━━ Data section ━━

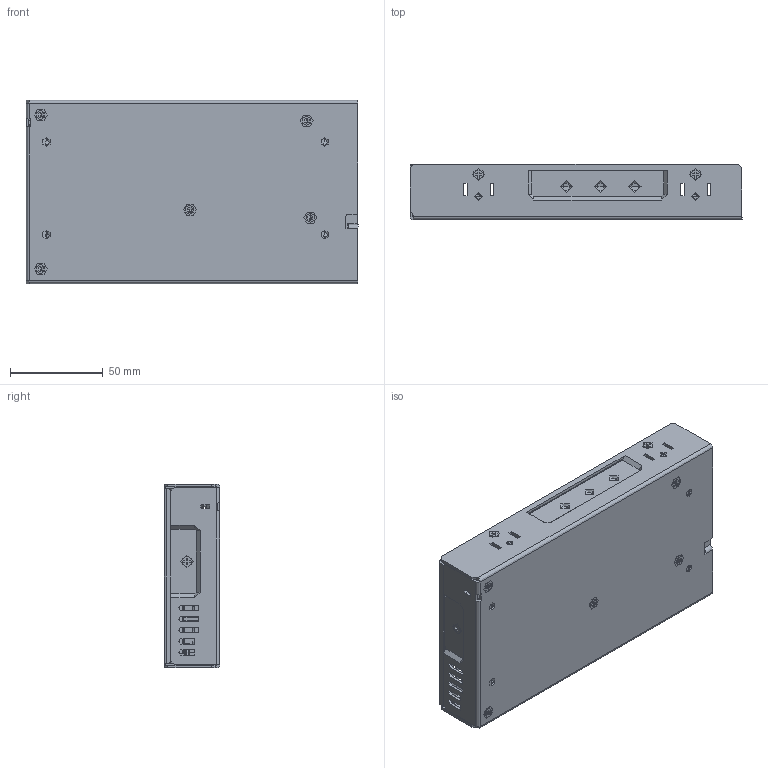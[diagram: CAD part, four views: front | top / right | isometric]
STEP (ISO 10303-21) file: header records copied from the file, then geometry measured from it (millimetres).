
FILE_DESCRIPTION (( 'STEP AP214' ), '1' );
FILE_NAME ('LCW200-C.STEP', '2021-08-31T15:35:04', ( '' ), ( '' ), 'SwSTEP 2.0', 'SolidWorks 2020', '' );
FILE_SCHEMA (( 'AUTOMOTIVE_DESIGN' ));
Length unit declared in the file: millimetre
Products named in the file (101): TH_5_1_1_1-1; DC49B-TERMINAL00_3_1_2_1_1_1_6; M40001_4_1_1_1_1_1_6-1; M3_MJLM_2_1_1_1_3; DC49B-TERMINAL00_3_1_2_1_1_1_4; M3X8_16_1_1_1-1; M40001_4_1_1_1_1_1_4-1; SCREW_5_1_1_1_1_1; M3X8_16_1_1_1; DC49B-TERMINAL00_3_1_2_1_1_1; M40001_4_1_1_1_1_1_2; DC49B-TERMINAL00_3_1_2_1_1_1_2-1; LCW200-C_ASM_2_ASM_1_ASM_1_ASM_1_1; LCW200-C_PCB_ASM_4_ASM_1_ASM_1_1; DC49B-TERMINAL00_3_1_2_1_1_1_3-1; OTHERS_ASM_6_ASM_1_ASM_1_1; DC49H-HOUSING0001_12_1_1_1_1_1; TH_5_1_1_1; DP_2_1_1_1-3; M40001_4_1_1_1_1_1_5; SCREW_CHASSIS_1_1_1_1; M4-7-75SCREW_5_1_1_1_1_1_6; M40001_4_1_1_1_1_1; M3X8_ASM_4_ASM_1_ASM_1_ASM_1-4_1; M40001_4_1_1_1_1_1_4; LED__1_1_1; DC49B-TERMINAL00_3_1_2_1_1_1_5-1; CHASSIS_LCW200-C_8_1_1_1; M40001_4_1_1_1_1_1_6; DC49B-TERMINAL00_3_1_2_1_1_1_1; SCREW_5_1_1_1_1_4; TH_5_1_1_1-3; M3X8_16_1_1_1-2; M40001_4_1_1_1_1_1_5-1; M40001_4_1_1_1_1_1_2-1; M3X8_16_1_1_1-4; M40001_4_1_1_1_1_1_3; M3X8_ASM_4_ASM_1_ASM_1_ASM_1-3_1; DC49B-TERMINAL00_3_1_2_1_1_1_5; M3X8_ASM_4_ASM_1_ASM_1_ASM_1-2_1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
Assembly tree (100 placements, depth 5):
  LCW200-C
    LCW200-C_CASE_ASM_2_ASM_1_ASM_1_1
      LCW200-C_ASM_2_ASM_1_ASM_1_ASM_1_1
        CHASSIS_LCW200-C_8_1_1_1
          CHASSIS_LCW200-C_8_1_1_1
          CHASSIS_LCW200-C_8_1_1_1-1
        SCREW_5_1_1_1_1
        SCREW_5_1_1_1_1_1
        SCREW_5_1_1_1_1_2
        SCREW_5_1_1_1_1_3
        SCREW_5_1_1_1_1_4
      COVER200_ASM_4_ASM_1_ASM_1_ASM__1
        COVER_200_3_1_1_1
        M3_MJLM_2_1_1_1
        M3_MJLM_2_1_1_1_1
        M3_MJLM_2_1_1_1_2
        M3_MJLM_2_1_1_1_3
    LCW200-C_PCB_ASM_4_ASM_1_ASM_1_1
      BOARD_3_1_1
      LED__1_1_1
      HDK_______1_1_1
      LCW200-C_CONN_ASM_6_ASM_1_ASM_1_AS_1
        DC49H-HOUSING0001_12_1_1_1_1_1
        M40001_4_1_1_1_1_1
          M40001_4_1_1_1_1_1
          M40001_4_1_1_1_1_1-1
        DC49B-TERMINAL00_3_1_2_1_1_1
          DC49B-TERMINAL00_3_1_2_1_1_1
          DC49B-TERMINAL00_3_1_2_1_1_1-1
        M4-7-75SCREW_5_1_1_1_1_1
        M40001_4_1_1_1_1_1_1
          M40001_4_1_1_1_1_1_1
          M40001_4_1_1_1_1_1_1-1
        DC49B-TERMINAL00_3_1_2_1_1_1_1
          DC49B-TERMINAL00_3_1_2_1_1_1_1
          DC49B-TERMINAL00_3_1_2_1_1_1_1-1
        M4-7-75SCREW_5_1_1_1_1_1_1
        M40001_4_1_1_1_1_1_2
          M40001_4_1_1_1_1_1_2
          M40001_4_1_1_1_1_1_2-1
        DC49B-TERMINAL00_3_1_2_1_1_1_2
          DC49B-TERMINAL00_3_1_2_1_1_1_2
          DC49B-TERMINAL00_3_1_2_1_1_1_2-1
        M4-7-75SCREW_5_1_1_1_1_1_2
        M40001_4_1_1_1_1_1_3
          M40001_4_1_1_1_1_1_3
          M40001_4_1_1_1_1_1_3-1
        DC49B-TERMINAL00_3_1_2_1_1_1_3
          DC49B-TERMINAL00_3_1_2_1_1_1_3
          DC49B-TERMINAL00_3_1_2_1_1_1_3-1
        M4-7-75SCREW_5_1_1_1_1_1_3
        M40001_4_1_1_1_1_1_4
          M40001_4_1_1_1_1_1_4
          M40001_4_1_1_1_1_1_4-1
        DC49B-TERMINAL00_3_1_2_1_1_1_4
          DC49B-TERMINAL00_3_1_2_1_1_1_4
          DC49B-TERMINAL00_3_1_2_1_1_1_4-1
        M4-7-75SCREW_5_1_1_1_1_1_4
        M40001_4_1_1_1_1_1_5
          M40001_4_1_1_1_1_1_5
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Bounding box: 179 x 30 x 99 mm (x, y, z)
Topology: 65 solids, 74 shells, 5812 faces, 17633 edges, 11922 vertices
Faces by surface type: plane 3145, cylinder 1953, bspline 376, cone 280, torus 58
Full cylindrical faces by diameter (mm): 2.85 x5, 3.5 x1
Entity records: 269736 total; most frequent: CARTESIAN_POINT 117484, ORIENTED_EDGE 35182, DIRECTION 24913, EDGE_CURVE 17609, VERTEX_POINT 11925, AXIS2_PLACEMENT_3D 8419, LINE 8075, VECTOR 8075

━━━

Task description ->
Return every entry above exactly. Pictures stay out.

Solution for this problem ->
[diagram: CAD part, four views: front | top / right | isometric]
STEP (ISO 10303-21) file: header records copied from the file, then geometry measured from it (millimetres).
FILE_DESCRIPTION (( 'STEP AP214' ), '1' );
FILE_NAME ('LCW200-C.STEP', '2021-08-31T15:35:04', ( '' ), ( '' ), 'SwSTEP 2.0', 'SolidWorks 2020', '' );
FILE_SCHEMA (( 'AUTOMOTIVE_DESIGN' ));
Length unit declared in the file: millimetre
Products named in the file (101): TH_5_1_1_1-1; DC49B-TERMINAL00_3_1_2_1_1_1_6; M40001_4_1_1_1_1_1_6-1; M3_MJLM_2_1_1_1_3; DC49B-TERMINAL00_3_1_2_1_1_1_4; M3X8_16_1_1_1-1; M40001_4_1_1_1_1_1_4-1; SCREW_5_1_1_1_1_1; M3X8_16_1_1_1; DC49B-TERMINAL00_3_1_2_1_1_1; M40001_4_1_1_1_1_1_2; DC49B-TERMINAL00_3_1_2_1_1_1_2-1; LCW200-C_ASM_2_ASM_1_ASM_1_ASM_1_1; LCW200-C_PCB_ASM_4_ASM_1_ASM_1_1; DC49B-TERMINAL00_3_1_2_1_1_1_3-1; OTHERS_ASM_6_ASM_1_ASM_1_1; DC49H-HOUSING0001_12_1_1_1_1_1; TH_5_1_1_1; DP_2_1_1_1-3; M40001_4_1_1_1_1_1_5; SCREW_CHASSIS_1_1_1_1; M4-7-75SCREW_5_1_1_1_1_1_6; M40001_4_1_1_1_1_1; M3X8_ASM_4_ASM_1_ASM_1_ASM_1-4_1; M40001_4_1_1_1_1_1_4; LED__1_1_1; DC49B-TERMINAL00_3_1_2_1_1_1_5-1; CHASSIS_LCW200-C_8_1_1_1; M40001_4_1_1_1_1_1_6; DC49B-TERMINAL00_3_1_2_1_1_1_1; SCREW_5_1_1_1_1_4; TH_5_1_1_1-3; M3X8_16_1_1_1-2; M40001_4_1_1_1_1_1_5-1; M40001_4_1_1_1_1_1_2-1; M3X8_16_1_1_1-4; M40001_4_1_1_1_1_1_3; M3X8_ASM_4_ASM_1_ASM_1_ASM_1-3_1; DC49B-TERMINAL00_3_1_2_1_1_1_5; M3X8_ASM_4_ASM_1_ASM_1_ASM_1-2_1
Assembly tree (100 placements, depth 5):
  LCW200-C
    LCW200-C_CASE_ASM_2_ASM_1_ASM_1_1
      LCW200-C_ASM_2_ASM_1_ASM_1_ASM_1_1
        CHASSIS_LCW200-C_8_1_1_1
          CHASSIS_LCW200-C_8_1_1_1
          CHASSIS_LCW200-C_8_1_1_1-1
        SCREW_5_1_1_1_1
        SCREW_5_1_1_1_1_1
        SCREW_5_1_1_1_1_2
        SCREW_5_1_1_1_1_3
        SCREW_5_1_1_1_1_4
      COVER200_ASM_4_ASM_1_ASM_1_ASM__1
        COVER_200_3_1_1_1
        M3_MJLM_2_1_1_1
        M3_MJLM_2_1_1_1_1
        M3_MJLM_2_1_1_1_2
        M3_MJLM_2_1_1_1_3
    LCW200-C_PCB_ASM_4_ASM_1_ASM_1_1
      BOARD_3_1_1
      LED__1_1_1
      HDK_______1_1_1
      LCW200-C_CONN_ASM_6_ASM_1_ASM_1_AS_1
        DC49H-HOUSING0001_12_1_1_1_1_1
        M40001_4_1_1_1_1_1
          M40001_4_1_1_1_1_1
          M40001_4_1_1_1_1_1-1
        DC49B-TERMINAL00_3_1_2_1_1_1
          DC49B-TERMINAL00_3_1_2_1_1_1
          DC49B-TERMINAL00_3_1_2_1_1_1-1
        M4-7-75SCREW_5_1_1_1_1_1
        M40001_4_1_1_1_1_1_1
          M40001_4_1_1_1_1_1_1
          M40001_4_1_1_1_1_1_1-1
        DC49B-TERMINAL00_3_1_2_1_1_1_1
          DC49B-TERMINAL00_3_1_2_1_1_1_1
          DC49B-TERMINAL00_3_1_2_1_1_1_1-1
        M4-7-75SCREW_5_1_1_1_1_1_1
        M40001_4_1_1_1_1_1_2
          M40001_4_1_1_1_1_1_2
          M40001_4_1_1_1_1_1_2-1
        DC49B-TERMINAL00_3_1_2_1_1_1_2
          DC49B-TERMINAL00_3_1_2_1_1_1_2
          DC49B-TERMINAL00_3_1_2_1_1_1_2-1
        M4-7-75SCREW_5_1_1_1_1_1_2
        M40001_4_1_1_1_1_1_3
          M40001_4_1_1_1_1_1_3
          M40001_4_1_1_1_1_1_3-1
        DC49B-TERMINAL00_3_1_2_1_1_1_3
          DC49B-TERMINAL00_3_1_2_1_1_1_3
          DC49B-TERMINAL00_3_1_2_1_1_1_3-1
        M4-7-75SCREW_5_1_1_1_1_1_3
        M40001_4_1_1_1_1_1_4
          M40001_4_1_1_1_1_1_4
          M40001_4_1_1_1_1_1_4-1
        DC49B-TERMINAL00_3_1_2_1_1_1_4
          DC49B-TERMINAL00_3_1_2_1_1_1_4
          DC49B-TERMINAL00_3_1_2_1_1_1_4-1
        M4-7-75SCREW_5_1_1_1_1_1_4
        M40001_4_1_1_1_1_1_5
          M40001_4_1_1_1_1_1_5
Bounding box: 179 x 30 x 99 mm (x, y, z)
Topology: 65 solids, 74 shells, 5812 faces, 17633 edges, 11922 vertices
Faces by surface type: plane 3145, cylinder 1953, bspline 376, cone 280, torus 58
Full cylindrical faces by diameter (mm): 2.85 x5, 3.5 x1
Entity records: 269736 total; most frequent: CARTESIAN_POINT 117484, ORIENTED_EDGE 35182, DIRECTION 24913, EDGE_CURVE 17609, VERTEX_POINT 11925, AXIS2_PLACEMENT_3D 8419, LINE 8075, VECTOR 8075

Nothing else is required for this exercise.